Выбрать главу

Потом, правда, я осмелел. За Луговой, на шоссе, я опять переставил скрежетную скорость на третье деление и прибавил газу. Мне уже нравилась, воодушевляла эта подчиненность машины – и прежнее покойное мелькание уже возникло по сторонам и впереди, и широкое, ласковое встряхиванье плавных толчков – великолепно, великолепно!.. Рука Намберга протянула мне закуренную сигаретку через плечо; я принял ее рукою же, уже в состоянии держать равновесие одной рукой – и прибавил газу. Сопки развертывались быстрее, шоссе жило, дрожало, убегая под нас, изумительно разминулся я с двумя китайскими подводами, настиг и оставил позади точно на одном месте гудящий трехтонный «паккард» с мучными мешками…

А поздно вечером мы ссорились, матерно ругались под освещенными окнами ресторанчика на углу, под скачущую музыку старой курильщицы-еврейки. Машину скупщик отказался наотрез купить, машина стояла на шоссе, за ипподромом, оставленная нами, брошенная этой тройкой, – они отказались принять ее от нас и привести обратно в гараж.

Было около одиннадцати вечера. Уставшие от перебранки, мы с Намбергом входили в ресторанчик к знакомому сербу, на яркий свет, на пронзительные звуки скрипки. «Здраво, Чедо, – начал я по-сербски, – молем бога»… и, взятый под руку толстым маленьким Чедо, я пошел, ведомый им, за портьеру, на заднюю половину. Намберг кашлял в зале.

Октябрь*

Солнце

Сойдя со ступеньки вагона в этот солнечно-холодный полдень, я тотчас испытал пронзительное чувство опустошения, утраты.
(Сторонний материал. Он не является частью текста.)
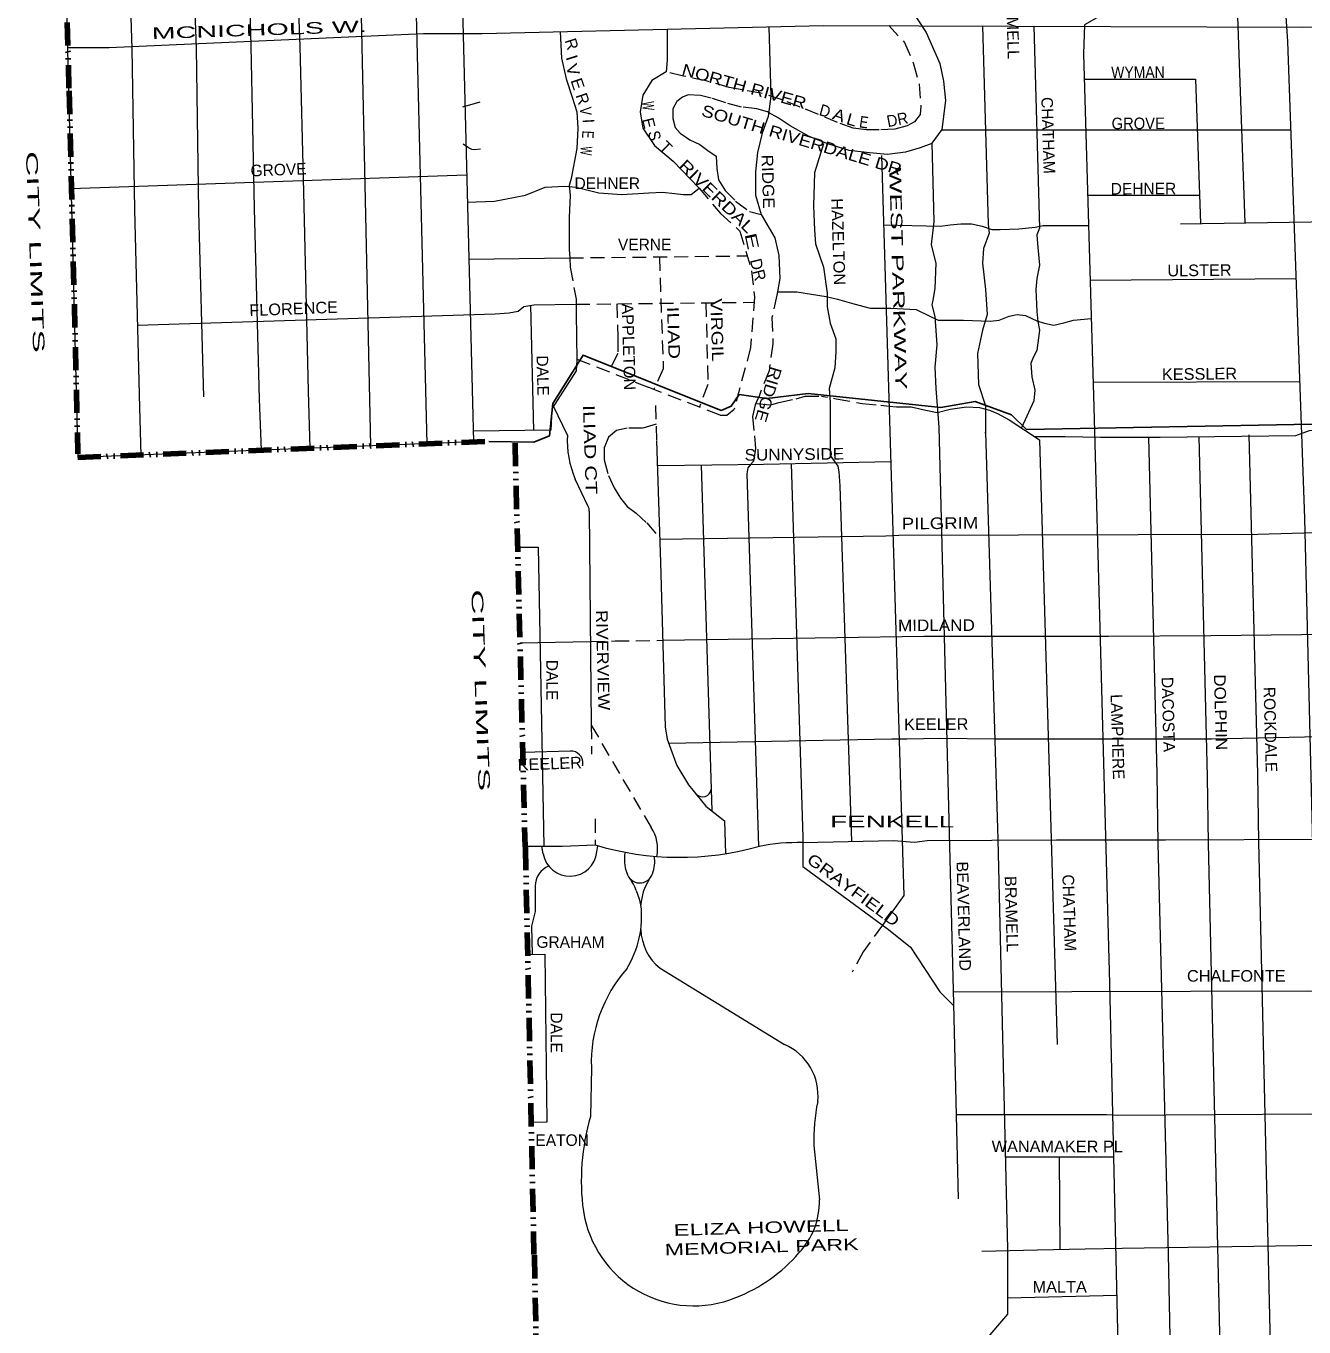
# Model space of a CAD drawing. Extents: x 34705 to 138605, y 34275 to 143551.
# Drawn here: x 34920 to 43181, y 121964 to 130370 of the extents above; entities that cross this region are included whole.
import ezdxf
from ezdxf.enums import TextEntityAlignment as Align

# ---------------------------------------------------------------- set-up
doc = ezdxf.new("R2010")
doc.units = 0
doc.header["$LTSCALE"] = 30
doc.linetypes.add('DASH_DOUBLE_DOT', pattern=[9.2, 5, -1.2, 0.3, -1.2, 0.3, -1.2])
doc.linetypes.add('MEDIUM_DASHED', pattern=[4.5, 3, -1.5])
for name, color, linetype, lineweight in [('1', 7, 'Continuous', 13), ('11', 7, 'Continuous', 13), ('59', 7, 'DASH_DOUBLE_DOT', 106)]:
    doc.layers.add(name, color=color, linetype=linetype, lineweight=lineweight)

msp = doc.modelspace()

# ---------------------------------------------------------------- linework, layer by layer
at = {"layer": '1'}
for p, q in [((34922.9, 140631.57), (35253.71, 127582.24)), ((41761.4, 130025.76), (42478.95, 130025.76)), ((42478.95, 130025.76), (42511.27, 129093.75)), ((37853.74, 129878.69), (37741.43, 129846.2)), ((40836.67, 129698.57), (43094.26, 129698.57)), ((35209.64, 129320.94), (37767.98, 129408.65)), ((41783.12, 129276.39), (42504.93, 129276.39)), ((42382.42, 129091.68), (46341.01, 129155.36)), ((37781.68, 128864.48), (38434.34, 128871.92)), ((41799.02, 128727.48), (43128.63, 128738.28)), ((38180.29, 128565.69), (38199.83, 127757.67)), ((41818.13, 128067.95), (43152.42, 128073.24)), ((38419.62, 127726.26), (38329.53, 127914.49)), ((37811.41, 127682.75), (35253.71, 127582.23)), ((38311.91, 127759.44), (37809.68, 127751.5)), ((39284.01, 127533.76), (39353.85, 125298.36)), ((38552.48, 127269.04), (38470.77, 127442.74)), ((38560.88, 127235.16), (38573.99, 125851.86)), ((38113.08, 126384.45), (38568.85, 126393.52)), ((38438.66, 125684.69), (38130.75, 125677.2)), ((38262.53, 125021.1), (38253.15, 125069.67)), ((38610.21, 125034.11), (38616.97, 125073.43)), ((38211.88, 124812.27), (38210.95, 124649.13)), ((38865.05, 124784.28), (38882.82, 124731.17)), ((38210.92, 124648.89), (38187.51, 124554.54)), ((38187.48, 124554.28), (38192.15, 124370.92)), ((39018.66, 124282.29), (39822.71, 123789.22)), ((38574.29, 123639.56), (38568.77, 123325.34)), ((40012.98, 123136.45), (40048.64, 122785.47)), ((41251.44, 123063.4), (41949.57, 123063.4)), ((41597.84, 123063.4), (41603.99, 122465.81)), ((41265.57, 122153.74), (41970.48, 122169.5))]:
    msp.add_line(p, q, dxfattribs=at)
at = {"layer": '1', "linetype": 'MEDIUM_DASHED'}
for p, q in [((38434.34, 128871.92), (39581.77, 128885.01)), ((38475.23, 128572.32), (39626.43, 128585.3)), ((38989.41, 127919.19), (38996.49, 127689.53)), ((38573.99, 125851.86), (38575.76, 125665.07)), ((38573.99, 125851.86), (38961.55, 125191.17)), ((38598.19, 125246.63), (38598.95, 125080.57))]:
    msp.add_line(p, q, dxfattribs=at)
at = {"layer": '1'}
for points in [[(42731.15, 140854.29), (42770.72, 138315.69), (42820.32, 138221.97), (42809.3, 138139.28), (42831.34, 137610.03), (42902.99, 132838.56), (43073.83, 130269.5), (43184.06, 127189.13), (43401.06, 118420.74)], [(37454.38, 140703.77), (37375.53, 140338.99), (37375.53, 140279.38), (37330.84, 140078.2), (37271.25, 139541.72), (37293.59, 139079.75), (37397.87, 138438.96), (37479.81, 138044.05), (37546.85, 137492.67), (37591.54, 136419.71), (37811.41, 127682.75)], [(36490.17, 135510.11), (36506.88, 134551.8), (36569.73, 134518.26), (36600.45, 133540.44), (36620.6, 132875.53), (36611.44, 132752.81), (36580.31, 132659.39), (36618.77, 131119.41), (36629.75, 130705.44), (36679.19, 130524.11), (36690.18, 130237.91), (36713.98, 129298.25), (36743.28, 128010.12), (36754.84, 127642.86)], [(37189.87, 135540.54), (37218.37, 134190.17), (37347.71, 134120.16), (37377.91, 132902.64), (37365.37, 132789.74), (37315.21, 132695.65), (37302.67, 132589.02), (37359.1, 130699.45), (37440.61, 130530.1), (37511.01, 127671.07)], [(35564.96, 135465.63), (35570.87, 135082.21), (35461.47, 135140.95), (35486.2, 134138.09), (35575.93, 131095.66), (35603.39, 130225.61), (35619.87, 129182.93), (35652.83, 127905.78), (35662.29, 127598.32)], [(35878.83, 135480.1), (35892.71, 135038.36), (35885.38, 134798.41), (35898.2, 134147.25), (35987.92, 131106.65), (36019.05, 130229.27), (36033.7, 129171.94), (36066.59, 127974.42)], [(36198.03, 135494.82), (36230.63, 134724.12), (36245.49, 134715.44), (36280.9, 133431.06), (36348.65, 131115.81), (36372.45, 130242.1), (36394.43, 129190.25), (36427.39, 127958.9), (36439, 127628.88)], [(42985.69, 131594.9), (42798.27, 131148.83), (42699.07, 130972.41), (42610.89, 130862.15), (41762.17, 130377.01), (41756.66, 130189.57), (41822.79, 127907.19), (41923.37, 124183.18), (42021.75, 119977.21)], [(35186.55, 130231.58), (35458.2, 130231.58), (37489.31, 130321.29), (37869.15, 130321.29), (40074.35, 130374.07), (43172.44, 130363.51), (44385.83, 130374.07), (48329.33, 130516.55), (49305.31, 130558.77), (49933.11, 130564.05), (54929.09, 130685.43), (56976.03, 130759.31), (58131.38, 130785.7), (58991.3, 130812.08), (60184.9, 130901.8), (61393.02, 130975.68), (61503.8, 130980.96), (63404.33, 131007.34), (65002.84, 131017.9), (66400.87, 131039.01), (66997.01, 131039.01), (67635.36, 131075.95), (68722.14, 131123.45), (70126.76, 131153.79)], [(36995.41, 131165.19), (37014.23, 130713.57), (37033.04, 130625.75), (37083.2, 130537.94), (37146.23, 127656.72)], [(42622.5, 130876.66), (42699.07, 130729.84), (42732.14, 130696.76), (42743.16, 130674.71), (42798.45, 129098.37)], [(40644.8, 130472.07), (40738.86, 130327.81), (40826.64, 130127.09), (40851.73, 130014.18), (40864.27, 129888.73), (40839.18, 129700.56), (40776.48, 129612.74), (40789.02, 129107.82), (40770.21, 128957.28), (40801.56, 128838.1), (40795.29, 128675.02), (40782.75, 128599.75), (40776.48, 128568.39), (40795.29, 128493.12), (40807.83, 128311.22), (40795.29, 128166.95), (40801.56, 128028.96), (40820.37, 127778.06), (40914.43, 124141.62), (40945.78, 122793.04)], [(38373.37, 130333.36), (38381.18, 130161.59), (38412.53, 130029.87), (38450.15, 129910.69), (38481.51, 129816.61), (38487.78, 129709.97), (38481.51, 129578.25), (38443.88, 129383.81), (38431.34, 129339.9), (38437.61, 129277.18), (38431.34, 129132.91), (38431.34, 128925.92), (38434.34, 128871.92)], [(39064.65, 130349.9), (39064.65, 130149.05), (39058.38, 130073.78), (38964.33, 130017.33), (38907.89, 129923.24), (38889.08, 129816.61), (38907.89, 129709.97), (38983.14, 129597.07), (39102.28, 129496.71), (39270.64, 129321.81)], [(39722, 130365.64), (39735.59, 129916.97), (39716.78, 129785.24), (39679.16, 129678.61), (39647.8, 129553.16), (39635.26, 129427.71), (39635.26, 129277.18), (39672.89, 129151.73), (39760.67, 129001.19), (39785.75, 128888.28), (39792.02, 128737.74), (39777.18, 128653.66)], [(41102.11, 130370.57), (41140.17, 129089), (41146.44, 129032.55), (41108.81, 128932.19), (41102.54, 128838.1), (41121.35, 128668.75), (41133.89, 128505.66), (41102.54, 128405.3), (41071.19, 128254.76), (41077.46, 128054.05), (41121.35, 127916.05), (41121.35, 127740.42), (41121.35, 127746.69), (41202.87, 125113.85), (41265.57, 122466.87), (41265.57, 122046.61), (40958.32, 121689.08)], [(41434.11, 130369.44), (41472.5, 129063.91), (41453.69, 129020), (41459.96, 128938.46), (41472.5, 128825.56), (41453.69, 128737.74), (41447.42, 128668.75), (41453.69, 128524.48), (41459.96, 128461.76), (41472.5, 128405.3), (41453.69, 128273.58), (41434.88, 128235.95), (41416.06, 128192.04), (41422.33, 128104.23), (41441.15, 128016.41), (41434.88, 127947.41), (41354.12, 127773.43)], [(40776.5, 129612.09), (40699.51, 129582.47), (40604.55, 129556.08), (40488.48, 129540.25), (40372.42, 129550.81), (40240.53, 129566.64), (40103.36, 129608.86), (39982.03, 129656.35), (39860.69, 129724.96), (39781.55, 129777.73), (39720.41, 129810.66)], [(37745.82, 129608.16), (37785.59, 129580.82), (37800.49, 129574.39), (37816.64, 129572.72), (37857.44, 129577.53)], [(40074.19, 129609.62), (40017.76, 129421.44), (40011.49, 129208.18), (40017.76, 129051.37), (40024.03, 128963.55), (40074.19, 128813.01), (40099.27, 128643.66), (40099.27, 128555.84), (40118.09, 128449.21), (40155.71, 128348.85), (40155.71, 128267.31), (40149.44, 128160.68), (40111.82, 128028.96), (40118.09, 127934.87), (40118.09, 127596.16), (40168.25, 127527.16), (40174.52, 127489.52), (40180.79, 127398.58), (40256.07, 125101.73)], [(40450.42, 129534.35), (40594.64, 124751.6), (40456.13, 124560.28)], [(37772.42, 129232.41), (37948.29, 129239.45), (38148.76, 129276.39), (38275.37, 129329.16), (38401.99, 129334.44), (38475.85, 129329.16), (38623.56, 129292.22), (38771.28, 129281.66), (38945.37, 129292.22), (39035.06, 129297.5), (39114.19, 129286.94), (39166.95, 129281.66), (39219.7, 129281.66), (39270.27, 129321.52)], [(40463.92, 129086.5), (40831.4, 129075.85), (40894.7, 129086.4), (40963.29, 129091.68), (41031.87, 129091.68), (41100.45, 129075.85), (41163.76, 129054.74), (41216.52, 129054.74), (41337.85, 129060.02), (41443.37, 129070.57), (41496.12, 129081.13), (41788.78, 129081.13)], [(39777.18, 128653.66), (39902.89, 128653.66), (40092.81, 128622), (40166.67, 128606.17), (40272.18, 128574.5), (40377.7, 128548.12), (40509.58, 128548.12), (40673.13, 128537.56), (40762.81, 128495.34), (40815.57, 128468.96), (40979.11, 128468.96), (41153.21, 128463.68), (41211.24, 128468.96), (41274.55, 128495.34), (41327.3, 128505.9), (41380.06, 128500.62), (41459.19, 128463.68), (41511.95, 128447.85), (41564.7, 128437.29), (41628.01, 128453.13), (41691.32, 128468.96), (41806.21, 128479.4)], [(35639.14, 128436.32), (37953.56, 128511.18), (38043.25, 128516.45), (38101.28, 128527.01), (38138.21, 128558.67), (38201.51, 128569.23), (38475.23, 128572.32)], [(38475.23, 128572.32), (38475.23, 128511.94), (38481.51, 128210.86), (38475.23, 128141.86), (38318.47, 127897.23), (38311.91, 127759.44)], [(40499.26, 127914.54), (40546.51, 127909.56), (40641.47, 127909.56), (40736.44, 127888.45), (40810.29, 127872.62), (40894.7, 127893.73), (41000.22, 127909.56), (41084.63, 127904.29), (41147.93, 127888.45), (41200.69, 127867.34), (41274.55, 127825.13), (41472.13, 127696.75)], [(41439.59, 127717.9), (41636.79, 127718.72), (41865.41, 127714.3), (42250.53, 127714.3), (43127.6, 127724.86), (43217.28, 127756.52), (48761.16, 127885.97)], [(38996.49, 127689.53), (39020.76, 126903.06), (39052.11, 125843.01), (39064.65, 125761.47), (39127.36, 125592.11), (39202.6, 125466.66), (39315.47, 125328.67), (39434.61, 125234.58), (39441.69, 125022.08)], [(41472.13, 127696.75), (41472.5, 127696.52), (41585.37, 123790.36)], [(42175.91, 127713.4), (42230.62, 125535.23), (42236.13, 125088.68), (42303.65, 122435.56), (42353.02, 119975.33)], [(42500.56, 127717.31), (42555.78, 125518.7), (42561.29, 125088.68), (42680.27, 119968.71)], [(42825.83, 127729.41), (42880.94, 125535.23), (42886.45, 125099.71), (42981.52, 121013.21)], [(39001.43, 127529.61), (39354.23, 127534.87), (39686.59, 127540.15), (40510.06, 127556.52)], [(39605.88, 127538.87), (39585.1, 127514.61), (39578.83, 127476.98), (39654.75, 125068.94)], [(39866.65, 127543.73), (39942.51, 125127.95), (39942.51, 125008.77), (39942.51, 124939.78), (40494.31, 124532.07), (40638.53, 124419.16), (40826.64, 124130.63), (40917.05, 124040.19)], [(39016.09, 127054.55), (40477.93, 127075.75), (40562.34, 127081.02), (42883.6, 127086.3), (44889.65, 127144.35), (45000.43, 127144.35), (46145.24, 127165.46), (49096.07, 127229.34)], [(38097.6, 127003.42), (38230.69, 127003.42), (38267.86, 125070.07)], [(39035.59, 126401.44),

Я пошел легко по твердому грунту платформы. Одиночество точно повисло в лазурном воздухе. Дальше, под деревьями, было так же просторно – деревья сквозили в холодной синеве. Под ногами загребались и шуршали листья, пахло крепко. Трава была ржавая. Бурьян в канаве был сер.

Под деревьями разместился и жил японский лагерь. Лошади в недоуздках кивали и переминались у жердей коновязи. Темнолицые солдаты в исподних белых рубахах ходили с ведрами и с котелками. Уже отстоялись лужи у бочек с водой. Трещал и дымил костер. У края дороги офицер выговаривал гортанно и непонятно.

А я шел мимо, нес французские книги, камышовую тросточку и вывернутый наизнанку дождевик.

По берегу залива было тихо, – о, над заливом было так пустынно! Лесистый мыс желтел отчетливо. Дачи там, в лесу, на сопке, гляделись теперь открыто…

Было свободно и легко. Было, как откровение: вся окрестность – живая лазурь воды, прохлада тугого ветра, открытое небо, опустошенное и полное голубого холода!

Я ушел от строений, отдалился, идя по насыпи между рельс… А потом остановился, сел на бровке полотна. Я устроил ношу на песке и закурил.

– Вот и октябрь пришел, – глядел я на дым папиросы. – Все опустело – не только одни огороды. Солнце не греет. Расстояние обманывает. Доводится протяжно печалиться… Но о чем? Не о том ли, что прошло лето? Но ведь оно опять повторится. И в самом деле, разве уж так непреклонно это опустошение? И разве нет прекрасного в сквозняке одиночества, утрат, тишины, безлюдья?..

Не позже, как через полчаса, я вхожу в калитку. Кудлатый щенок подкатывается и лает мне на ноги.